Directions for this task → The pictures in the listing below are to be skipped, while the lines between the line holding "#1664=AXIS2_PLACEMENT_3D('',#2125,#1795,#1796);" and the line holding "from ifc_helpers import", inclusive, are to be output exactly.
Material supplied Block Start
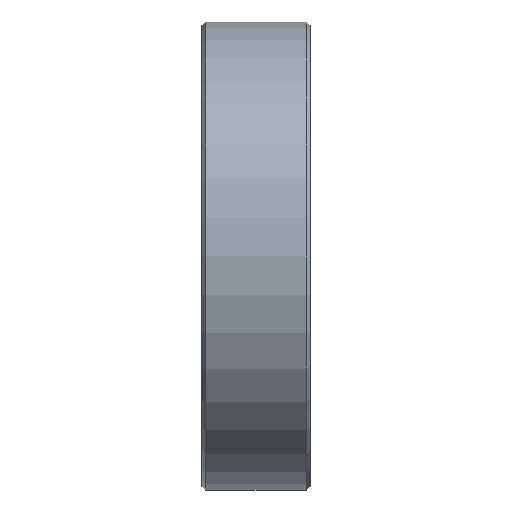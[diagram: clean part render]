
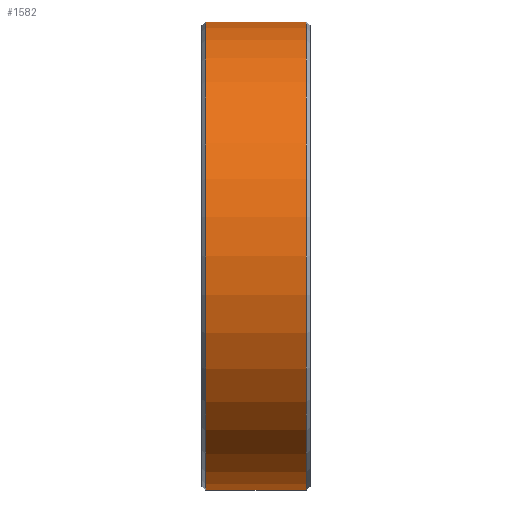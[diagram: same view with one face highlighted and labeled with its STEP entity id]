
A CAD part, front view. The second image highlights one B-rep face of the part: STEP entity #1582.
In plain terms, the highlighted cylindrical face has radius 32.5 mm (diameter 65 mm), a partial arc.
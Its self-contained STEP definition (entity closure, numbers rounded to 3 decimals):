
#104=LINE('',#2128,#178);
#105=LINE('',#2132,#179);
#178=VECTOR('',#1797,1000.);
#179=VECTOR('',#1800,1000.);
#252=ORIENTED_EDGE('',*,*,#544,.T.);
#253=ORIENTED_EDGE('',*,*,#545,.T.);
#254=ORIENTED_EDGE('',*,*,#546,.F.);
#255=ORIENTED_EDGE('',*,*,#547,.T.);
#544=EDGE_CURVE('',#690,#691,#794,.T.);
#545=EDGE_CURVE('',#691,#692,#104,.T.);
#546=EDGE_CURVE('',#693,#692,#795,.T.);
#547=EDGE_CURVE('',#693,#690,#105,.F.);
#690=VERTEX_POINT('',#2126);
#691=VERTEX_POINT('',#2127);
#692=VERTEX_POINT('',#2129);
#693=VERTEX_POINT('',#2131);
#794=CIRCLE('',#1664,32.5);
#795=CIRCLE('',#1665,32.5);
#848=EDGE_LOOP('',(#252,#253,#254,#255));
#946=FACE_BOUND('',#848,.T.);
#1048=CYLINDRICAL_SURFACE('',#1663,32.5);
#1582=ADVANCED_FACE('',(#946),#1048,.T.);
#1663=AXIS2_PLACEMENT_3D('',#2124,#1793,#1794);
#1664=AXIS2_PLACEMENT_3D('',#2125,#1795,#1796);
#1665=AXIS2_PLACEMENT_3D('',#2130,#1798,#1799);
#1793=DIRECTION('',(1.,0.,0.));
#1794=DIRECTION('',(0.,0.,-1.));
#1795=DIRECTION('',(1.,0.,0.));
#1796=DIRECTION('',(0.,0.,-1.));
#1797=DIRECTION('',(1.,0.,0.));
#1798=DIRECTION('',(1.,0.,0.));
#1799=DIRECTION('',(0.,0.,-1.));
#1800=DIRECTION('',(1.,0.,0.));
#2124=CARTESIAN_POINT('',(7.5,0.,0.));
#2125=CARTESIAN_POINT('',(-7.,0.,0.));
#2126=CARTESIAN_POINT('',(-7.,-2.,32.438));
#2127=CARTESIAN_POINT('',(-7.,-2.,-32.438));
#2128=CARTESIAN_POINT('',(7.5,-2.,-32.438));
#2129=CARTESIAN_POINT('',(7.,-2.,-32.438));
#2130=CARTESIAN_POINT('',(7.,0.,0.));
#2131=CARTESIAN_POINT('',(7.,-2.,32.438));
#2132=CARTESIAN_POINT('',(7.5,-2.,32.438));
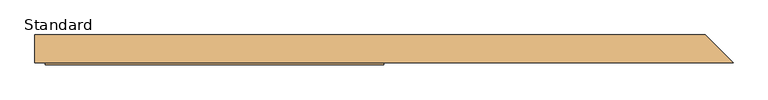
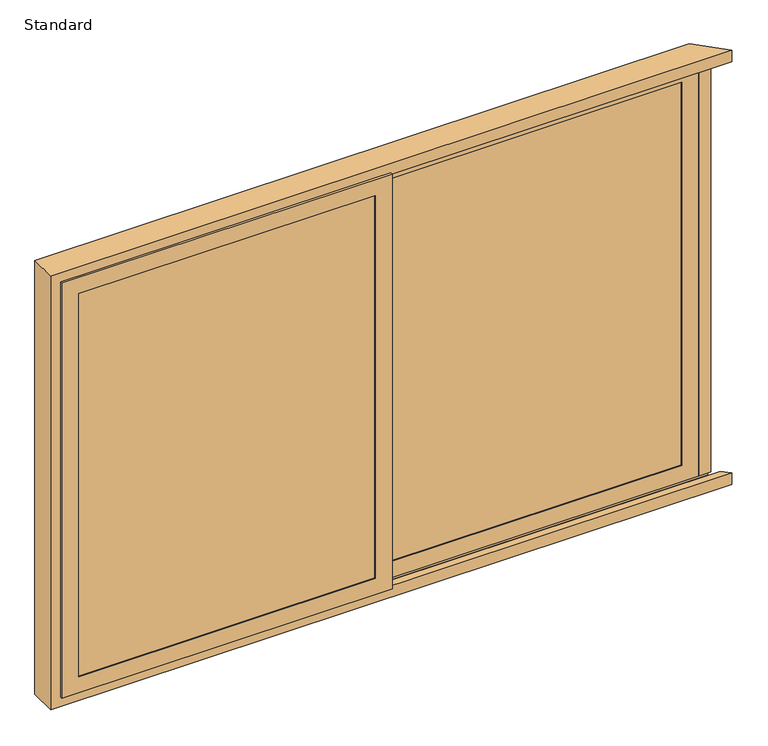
"""IFC4 building model written with IfcOpenShell, lengths in millimetres: door geometry, SMARTS_Visoglide Plus Corner Opening : Standard."""

from ifc_helpers import new_model, si_unit, frame, origin, place, context, project, spatial, polyline, outline, extrude, faceted_brep, source, transform, mapped, element, save


def standard_89412fed(model_context):
    return source(origin(), model_context, "Body", "SolidModel", [
        extrude(outline(polyline([(1347.5, 67.0), (1347.5, 63.0), (26.5, 63.0), (26.5, 67.0), (1347.5, 67.0)])), frame((0.0, 0.0, 952.5), z_axis=(0.0, 0.0, 1.0), x_axis=(1.0, 0.0, 0.0)), (0.0, 0.0, 1.0), 1795.0),
        extrude(outline(polyline([(1347.5, 47.0), (1347.5, 43.0), (26.5, 43.0), (26.5, 47.0), (1347.5, 47.0)])), frame((0.0, 0.0, 952.5), z_axis=(0.0, 0.0, 1.0), x_axis=(1.0, 0.0, 0.0)), (0.0, 0.0, 1.0), 1795.0),
        extrude(outline(polyline([(2747.5, 1347.5), (2747.5, 26.5), (952.5, 26.5), (952.5, 1347.5), (2747.5, 1347.5)]), holes=[polyline([(2737.5, 36.5), (2737.5, 1337.5), (962.5, 1337.5), (962.5, 36.5), (2737.5, 36.5)])]), frame((0.0, 47.0, 0.0), z_axis=(0.0, 1.0, 0.0), x_axis=(0.0, 0.0, 1.0)), (0.0, 0.0, 1.0), 16.0),
        extrude(outline(polyline([(947.5, 1352.5), (2752.5, 1352.5), (2752.5, 21.5), (947.5, 21.5), (947.5, 1352.5)]), holes=[polyline([(2732.5, 1332.5), (967.5, 1332.5), (967.5, 41.5), (2732.5, 41.5), (2732.5, 1332.5)])]), frame((0.0, 74.0102223, 0.0), z_axis=(0.0, 1.0, 0.0), x_axis=(0.0, 0.0, 1.0)), (0.0, 0.0, 1.0), 11.9897777),
        extrude(outline(polyline([(893.5, 1406.5), (2806.5, 1406.5), (2806.5, -32.5), (893.5, -32.5), (893.5, 1406.5)]), holes=[polyline([(2752.5, 1352.5), (947.5, 1352.5), (947.5, 21.5), (2752.5, 21.5), (2752.5, 1352.5)])]), frame((0.0, 62.0, 0.0), z_axis=(0.0, 1.0, 0.0), x_axis=(0.0, 0.0, 1.0)), (0.0, 0.0, 1.0), 24.0),
        faceted_brep([(1332.5, 39.0, 2732.5), (1332.5, 39.0, 967.5), (1332.5, 35.0, 967.5), (1332.5, 35.0, 2732.5), (1355.5, 62.0, 2755.5), (1355.5, 62.0, 944.5), (1355.5, 39.0, 944.5), (1355.5, 39.0, 2755.5), (1406.5, 35.0, 2806.5), (1406.5, 35.0, 893.5), (1406.5, 62.0, 893.5), (1406.5, 62.0, 2806.5), (41.5, 39.0, 967.5), (41.5, 35.0, 967.5), (18.5, 62.0, 944.5), (18.5, 39.0, 944.5), (-32.5, 35.0, 893.5), (-32.5, 62.0, 893.5), (41.5, 39.0, 2732.5), (41.5, 35.0, 2732.5), (18.5, 62.0, 2755.5), (18.5, 39.0, 2755.5), (-32.5, 35.0, 2806.5), (-32.5, 62.0, 2806.5)], [[[0, 1, 2, 3]], [[4, 5, 6, 7]], [[8, 9, 10, 11]], [[1, 12, 13, 2]], [[5, 14, 15, 6]], [[9, 16, 17, 10]], [[12, 18, 19, 13]], [[14, 20, 21, 15]], [[16, 22, 23, 17]], [[9, 8, 22, 16], [3, 2, 13, 19]], [[18, 0, 3, 19]], [[7, 6, 15, 21], [1, 0, 18, 12]], [[20, 4, 7, 21]], [[11, 10, 17, 23], [5, 4, 20, 14]], [[22, 8, 11, 23]]]),
        extrude(outline(polyline([(-26.5, 0.0), (-26.5, -4.0), (-1347.5, -4.0), (-1347.5, 0.0), (-26.5, 0.0)])), frame((0.0, 0.0, 952.5), z_axis=(0.0, 0.0, 1.0), x_axis=(1.0, 0.0, 0.0)), (0.0, 0.0, 1.0), 1795.0),
        extrude(outline(polyline([(-26.5, -20.0), (-26.5, -24.0), (-1347.5, -24.0), (-1347.5, -20.0), (-26.5, -20.0)])), frame((0.0, 0.0, 952.5), z_axis=(0.0, 0.0, 1.0), x_axis=(1.0, 0.0, 0.0)), (0.0, 0.0, 1.0), 1795.0),
        extrude(outline(polyline([(2747.5, -26.5), (2747.5, -1347.5), (952.5, -1347.5), (952.5, -26.5), (2747.5, -26.5)]), holes=[polyline([(2737.5, -1337.5), (2737.5, -36.5), (962.5, -36.5), (962.5, -1337.5), (2737.5, -1337.5)])]), frame((0.0, -20.0, 0.0), z_axis=(0.0, 1.0, 0.0), x_axis=(0.0, 0.0, 1.0)), (0.0, 0.0, 1.0), 16.0),
        extrude(outline(polyline([(947.5, -21.5), (2752.5, -21.5), (2752.5, -1352.5), (947.5, -1352.5), (947.5, -21.5)]), holes=[polyline([(2732.5, -41.5), (967.5, -41.5), (967.5, -1332.5), (2732.5, -1332.5), (2732.5, -41.5)])]), frame((0.0, 7.0102223, 0.0), z_axis=(0.0, 1.0, 0.0), x_axis=(0.0, 0.0, 1.0)), (0.0, 0.0, 1.0), 11.9897777),
        extrude(outline(polyline([(893.5, 32.5), (2806.5, 32.5), (2806.5, -1406.5), (893.5, -1406.5), (893.5, 32.5)]), holes=[polyline([(2752.5, -21.5), (947.5, -21.5), (947.5, -1352.5), (2752.5, -1352.5), (2752.5, -21.5)])]), frame((0.0, -5.0, 0.0), z_axis=(0.0, 1.0, 0.0), x_axis=(0.0, 0.0, 1.0)), (0.0, 0.0, 1.0), 24.0),
        faceted_brep([(-41.5, -28.0, 2732.5), (-41.5, -28.0, 967.5), (-41.5, -32.0, 967.5), (-41.5, -32.0, 2732.5), (-18.5, -5.0, 2755.5), (-18.5, -5.0, 944.5), (-18.5, -28.0, 944.5), (-18.5, -28.0, 2755.5), (32.5, -32.0, 2806.5), (32.5, -32.0, 893.5), (32.5, -5.0, 893.5), (32.5, -5.0, 2806.5), (-1332.5, -28.0, 967.5), (-1332.5, -32.0, 967.5), (-1355.5, -5.0, 944.5), (-1355.5, -28.0, 944.5), (-1406.5, -32.0, 893.5), (-1406.5, -5.0, 893.5), (-1332.5, -28.0, 2732.5), (-1332.5, -32.0, 2732.5), (-1355.5, -5.0, 2755.5), (-1355.5, -28.0, 2755.5), (-1406.5, -32.0, 2806.5), (-1406.5, -5.0, 2806.5)], [[[0, 1, 2, 3]], [[4, 5, 6, 7]], [[8, 9, 10, 11]], [[1, 12, 13, 2]], [[5, 14, 15, 6]], [[9, 16, 17, 10]], [[12, 18, 19, 13]], [[14, 20, 21, 15]], [[16, 22, 23, 17]], [[9, 8, 22, 16], [3, 2, 13, 19]], [[18, 0, 3, 19]], [[7, 6, 15, 21], [1, 0, 18, 12]], [[20, 4, 7, 21]], [[11, 10, 17, 23], [5, 4, 20, 14]], [[22, 8, 11, 23]]]),
        faceted_brep([(-1450.0, -22.7989407, 2850.0), (1517.8718161, -22.7989407, 2850.0), (1400.0728753, 95.0, 2850.0), (-1450.0, 95.0, 2850.0), (-1398.1999999, 95.0, 2798.1999999), (1400.0728753, 95.0, 2798.1999999), (1404.0728753, 91.0, 2798.1999999), (-1398.1999999, 91.0, 2798.1999999), (-1424.1999999, 91.0, 2824.1999999), (1404.0728753, 91.0, 2824.1999999), (1418.7728753, 76.3, 2824.1999999), (-1424.1999999, 76.3, 2824.1999999), (-1398.1999999, 76.3, 2798.1999999), (1418.7728753, 76.3, 2798.1999999), (1451.2886502, 43.7842251, 2798.1999999), (-1398.1999999, 43.7842251, 2798.1999999), (-1424.1999999, 43.7842251, 2824.1999999), (1451.2886502, 43.7842251, 2824.1999999), (1485.2886502, 9.7842251, 2824.1999999), (-1424.1999999, 9.7842251, 2824.1999999), (-1398.1999999, 9.7842251, 2798.1999999), (1485.2886502, 9.7842251, 2798.1999999), (1517.8718161, -22.7989407, 2798.1999999), (-1398.1999999, -22.7989407, 2798.1999999), (-1450.0, 95.0, 850.0), (-1450.0, -22.7989407, 850.0), (-1398.1999999, 91.0, 901.8000001), (-1398.1999999, 95.0, 901.8000001), (-1424.1999999, 76.3, 875.8000001), (-1424.1999999, 91.0, 875.8000001), (-1398.1999999, 43.7842251, 901.8000001), (-1398.1999999, 76.3, 901.8000001), (-1424.1999999, 9.7842251, 875.8000001), (-1424.1999999, 43.7842251, 875.8000001), (-1398.1999999, -22.7989407, 901.8000001), (-1398.1999999, 9.7842251, 901.8000001), (1400.0728753, 95.0, 850.0), (1517.8718161, -22.7989407, 850.0), (1404.0728753, 91.0, 901.8000001), (1400.0728753, 95.0, 901.8000001), (1418.7728753, 76.3, 875.8000001), (1404.0728753, 91.0, 875.8000001), (1451.2886502, 43.7842251, 901.8000001), (1418.7728753, 76.3, 901.8000001), (1485.2886502, 9.7842251, 875.8000001), (1451.2886502, 43.7842251, 875.8000001), (1517.8718161, -22.7989407, 901.8000001), (1485.2886502, 9.7842251, 901.8000001)], [[[0, 1, 2, 3]], [[4, 5, 6, 7]], [[8, 9, 10, 11]], [[12, 13, 14, 15]], [[16, 17, 18, 19]], [[20, 21, 22, 23]], [[3, 24, 25, 0]], [[7, 26, 27, 4]], [[11, 28, 29, 8]], [[15, 30, 31, 12]], [[19, 32, 33, 16]], [[23, 34, 35, 20]], [[24, 36, 37, 25]], [[26, 38, 39, 27]], [[28, 40, 41, 29]], [[30, 42, 43, 31]], [[32, 44, 45, 33]], [[34, 46, 47, 35]], [[3, 2, 5, 4, 27, 39, 36, 24]], [[7, 6, 9, 8, 29, 41, 38, 26]], [[11, 10, 13, 12, 31, 43, 40, 28]], [[15, 14, 17, 16, 33, 45, 42, 30]], [[19, 18, 21, 20, 35, 47, 44, 32]], [[25, 37, 46, 34, 23, 22, 1, 0]], [[36, 39, 38, 41, 40, 43, 42, 45, 44, 47, 46, 37]], [[1, 22, 21, 18, 17, 14, 13, 10, 9, 6, 5, 2]]]),
        extrude(outline(polyline([(1460.0728753, 35.0), (1406.5, 35.0), (1406.5, 81.7), (1413.3728753, 81.7), (1460.0728753, 35.0)])), frame((0.0, 0.0, 893.5), z_axis=(0.0, 0.0, 1.0), x_axis=(1.0, 0.0, 0.0)), (0.0, 0.0, 1.0), 1913.0),
    ])


if __name__ == "__main__":
    model = new_model("IFC4")
    model_context = context("Model", 3, world=origin())
    ifc_project = project(units=[si_unit("LENGTHUNIT", "METRE", prefix="MILLI")], contexts=[model_context])
    site = spatial("IfcSite", under=ifc_project)
    building = spatial("IfcBuilding", under=site)
    placement = place(None, origin())
    standard_shape = standard_89412fed(model_context)
    element("IfcDoor", 1, ObjectType="SMARTS_Visoglide Plus Corner Opening : Standard", at=placement, inside=building, context=model_context, shape_type="MappedRepresentation", body=[
        mapped(standard_shape, transform((0.0, 0.0, 0.0), x_axis=(1.0, 0.0, 0.0), y_axis=(0.0, 1.0, 0.0), z_axis=(0.0, 0.0, 1.0))),
    ])
    save(model, "model.ifc")
Material supplied Block End
Task result →
#1664=AXIS2_PLACEMENT_3D('',#2125,#1795,#1796);
#1665=AXIS2_PLACEMENT_3D('',#2130,#1798,#1799);
#1793=DIRECTION('',(1.,0.,0.));
#1794=DIRECTION('',(0.,0.,-1.));
#1795=DIRECTION('',(1.,0.,0.));
#1796=DIRECTION('',(0.,0.,-1.));
#1797=DIRECTION('',(1.,0.,0.));
#1798=DIRECTION('',(1.,0.,0.));
#1799=DIRECTION('',(0.,0.,-1.));
#1800=DIRECTION('',(1.,0.,0.));
#2124=CARTESIAN_POINT('',(7.5,0.,0.));
#2125=CARTESIAN_POINT('',(-7.,0.,0.));
#2126=CARTESIAN_POINT('',(-7.,-2.,32.438));
#2127=CARTESIAN_POINT('',(-7.,-2.,-32.438));
#2128=CARTESIAN_POINT('',(7.5,-2.,-32.438));
#2129=CARTESIAN_POINT('',(7.,-2.,-32.438));
#2130=CARTESIAN_POINT('',(7.,0.,0.));
#2131=CARTESIAN_POINT('',(7.,-2.,32.438));
#2132=CARTESIAN_POINT('',(7.5,-2.,32.438));
"""IFC4 building model written with IfcOpenShell, lengths in millimetres: door geometry, SMARTS_Visoglide Plus Corner Opening : Standard."""

from ifc_helpers import new_model, si_unit, frame, origin, place, context, project, spatial, polyline, outline, extrude, faceted_brep, source, transform, mapped, element, save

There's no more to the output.